WORK TASK.
Each line from the one containing "#39331=DIRECTION('center_axis',(-1.,0.,0.));" to the end of the listing below must be retyped exactly, with no line left out and none added.

___ DATA ___

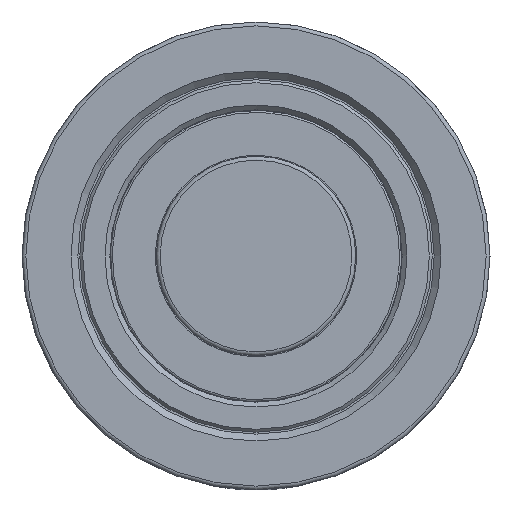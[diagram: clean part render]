
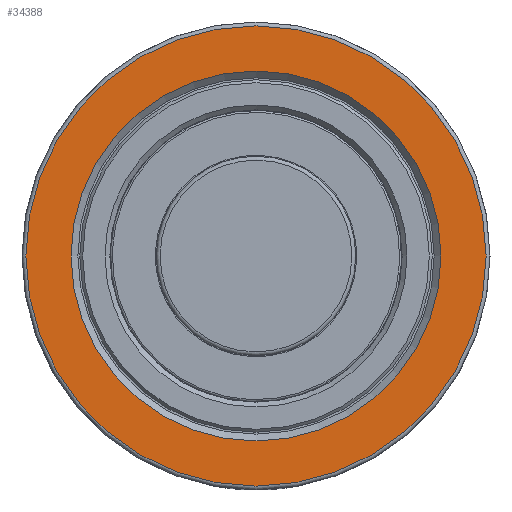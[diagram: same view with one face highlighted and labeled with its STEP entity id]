
A CAD part, left-side view. The second image highlights one B-rep face of the part: STEP entity #34388.
In plain terms, the highlighted planar face has unit normal (-1, 0, 0).
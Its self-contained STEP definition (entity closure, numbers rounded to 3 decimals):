
#9912=FACE_BOUND('',#13083,.T.);
#11203=FACE_OUTER_BOUND('',#13082,.T.);
#13082=EDGE_LOOP('',(#29579));
#13083=EDGE_LOOP('',(#29580));
#13990=CIRCLE('',#35869,23.7);
#13991=CIRCLE('',#35871,19.05);
#16375=VERTEX_POINT('',#65905);
#16376=VERTEX_POINT('',#65909);
#20950=EDGE_CURVE('',#16375,#16375,#13990,.T.);
#20951=EDGE_CURVE('',#16376,#16376,#13991,.T.);
#29579=ORIENTED_EDGE('',*,*,#20950,.F.);
#29580=ORIENTED_EDGE('',*,*,#20951,.F.);
#33013=PLANE('',#35870);
#34388=ADVANCED_FACE('',(#11203,#9912),#33013,.T.);
#35869=AXIS2_PLACEMENT_3D('',#65907,#39327,#39328);
#35870=AXIS2_PLACEMENT_3D('',#65908,#39329,#39330);
#35871=AXIS2_PLACEMENT_3D('',#65910,#39331,#39332);
#39327=DIRECTION('center_axis',(1.,0.,0.));
#39328=DIRECTION('ref_axis',(0.,0.,
-1.));
#39329=DIRECTION('center_axis',(-1.,0.,0.));
#39330=DIRECTION('ref_axis',(0.,-1.,0.));
#39331=DIRECTION('center_axis',(-1.,0.,0.));
#39332=DIRECTION('ref_axis',(0.,0.,
-1.));
#65905=CARTESIAN_POINT('',(-29.512,-23.7,0.));
#65907=CARTESIAN_POINT('Origin',(-29.512,0.,
0.));
#65908=CARTESIAN_POINT('Origin',(-29.512,0.,
24.1));
#65909=CARTESIAN_POINT('',(-29.512,0.,19.05));
#65910=CARTESIAN_POINT('Origin',(-29.512,0.,
0.));

___

EXERCISE ANSWER.
#39331=DIRECTION('center_axis',(-1.,0.,0.));
#39332=DIRECTION('ref_axis',(0.,0.,
-1.));
#65905=CARTESIAN_POINT('',(-29.512,-23.7,0.));
#65907=CARTESIAN_POINT('Origin',(-29.512,0.,
0.));
#65908=CARTESIAN_POINT('Origin',(-29.512,0.,
24.1));
#65909=CARTESIAN_POINT('',(-29.512,0.,19.05));
#65910=CARTESIAN_POINT('Origin',(-29.512,0.,
0.));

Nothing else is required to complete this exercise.